Richard Trumka, AFL-CIO President, died on August 5, 2021 at the age of 72 after a lifetime of service dedicated to America’s working families.  He worked to guide the labor movement amidst rapid changes with his signature emphasis on capital stewardship, organizing rights, global solidarity, and working-class political power.  He brought a sharp wit, persuasive style, and a stubborn commitment to workers’ rights to all that he did, including his recent 2020 address to the LAWCHA’s annual meeting.

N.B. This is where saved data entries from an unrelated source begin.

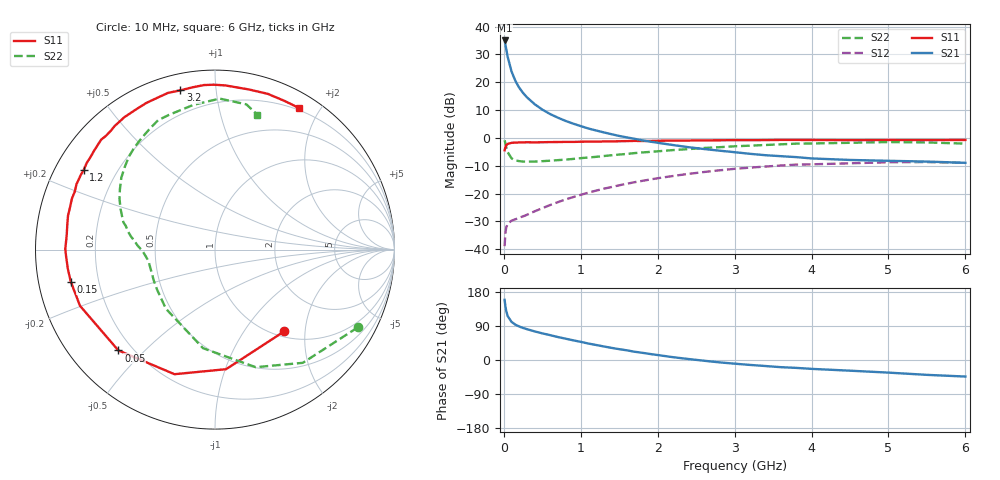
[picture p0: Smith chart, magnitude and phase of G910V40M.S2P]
! SIEMENS Small Signal Semiconductors
! BFG235
! Si NPN RF Bipolar Junction Transistor in SOT223
! VCE = 10 V  IC = 40 mA
! Common Emitter S-Parameters:  July  1994
# GHz  S  MA  R  50
!  f  S11  S21  S12  S22
! GHz  MAG  ANG  MAG  ANG  MAG  ANG  MAG  ANG
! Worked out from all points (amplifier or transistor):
!   40 points, 10 MHz to 6 GHz, reference 50 ohm
!   highest |S21| = 35.0 dB at 10 MHz (marker M1)
!   |S21| within 3 dB of that: start of sweep to 30.49 MHz
!   unconditionally stable (mu >= 1): 540.2 MHz to 1.292 GHz
!   at 200 MHz: K = 0.60, MSG = 23.4 dB, |S12| = -28.7 dB
!   at 1.5 GHz: K = 0.97, MSG = 8.9 dB, |S12| = -17.1 dB
!   at 6 GHz: K = 0.94, MSG = 0.0 dB, |S12| = -9.0 dB
!   S11 on the Smith chart (normalised r, x): 10 MHz: 1.10, -1.56; 50 MHz: 0.15, -0.42; 150 MHz: 0.10, -0.11; 1.2 GHz: 0.08, +0.28; 3.2 GHz: 0.08, +0.80; 6 GHz: 0.18, +1.75
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0.01  0.5971 -49.6  56.42 158.9  0.0113 71.3  0.9057 -28.6
0.02  0.6691 -84.7  47.88 142.3  0.0191 55.2  0.7984 -52.2
0.03  0.73 -108.0  40.28 130.3  0.0242 45.3  0.6933 -70.9
0.05  0.7781 -133.8  28.49 115.8  0.0287 34.8  0.5534 -96.9
0.1  0.8148 -157.4  15.64 100.6  0.0325 28.5  0.4282 -129.7
0.15  0.8232 -167.5  10.6 93.2  0.0344 30.4  0.3925 -145.2
0.2  0.827 -172.7  7.968 88.4  0.0368 33.1  0.3817 -153.8
0.25  0.8298 -176.9  6.418 84.5  0.0388 36.3  0.3754 -159.2
0.3  0.8343 179.8  5.37 81.4  0.0414 39.3  0.3747 -163.5
0.4  0.83 174.8  4.036 75.5  0.0478 44.3  0.3751 -168.5
0.5  0.8344 170.5  3.225 70.3  0.0544 48.4  0.381 -172.1
0.6  0.8405 167.0  2.687 65.7  0.0619 50.9  0.3886 -174.8
0.7  0.8417 163.3  2.315 60.7  0.0697 52.8  0.3976 -177.3
0.9  0.8454 157.6  1.805 52.0  0.0861 54.3  0.4183 178.9
1.1  0.8554 151.0  1.473 43.4  0.1036 54.4  0.444 175.0
1.2  0.8557 148.7  1.357 39.6  0.1127 54.0  0.4564 173.2
1.7  0.8818 136.0  0.962 21.8  0.1597 48.7  0.5326 163.4
2.2  0.894 124.4  0.743 7.4  0.2065 40.5  0.6032 151.9
3.2  0.9079 102.3  0.517 -13.0  0.2918 20.3  0.7245 128.4
4.5  0.9119 78.1  0.401 -28.2  0.349 -6.8  0.8155 98.4
5.5  0.9145 64.9  0.375 -39.2  0.367 -25.9  0.8278 77.8
6  0.9172 59.2  0.356 -43.7  0.3548 -32.8  0.7883 72.7

As a labor leader, Trumka straddled two eras. He had one foot firmly planted in the industrial-based twentieth century labor movement.  A third-generation miner, Trumka came of age during the 1960s and 1970s when labor’s influence was most robust. He rose through the ranks of the United Mineworkers of America union (UMWA) and worked in the coal mines while in college.  He was elected president of the UMWA in 1982, at age 33, and soon earned a reputation for militancy, especially in his bold leadership of the Pittston strike in 1989-90.

Yet Trumka also understood that the labor movement must step forward to build power for working people in the twenty-first century.  Alongside John Sweeney and Linda Chavez-Thompson, he sought to reform the labor movement through the “New Voice” insurgent slate, and was elected in 1995 on a platform that emphasized new organizing, diversity, and innovative strategies for growth.  As Secretary-Treasurer of the AFL-CIO, Trumka led the movement’s efforts to bring worker rights to the capital markets, and to hold out-of-control corporate power in check. He helped champion the AFL-CIO’s revision of its immigration policy, calling for a path to citizenship for undocumented workers.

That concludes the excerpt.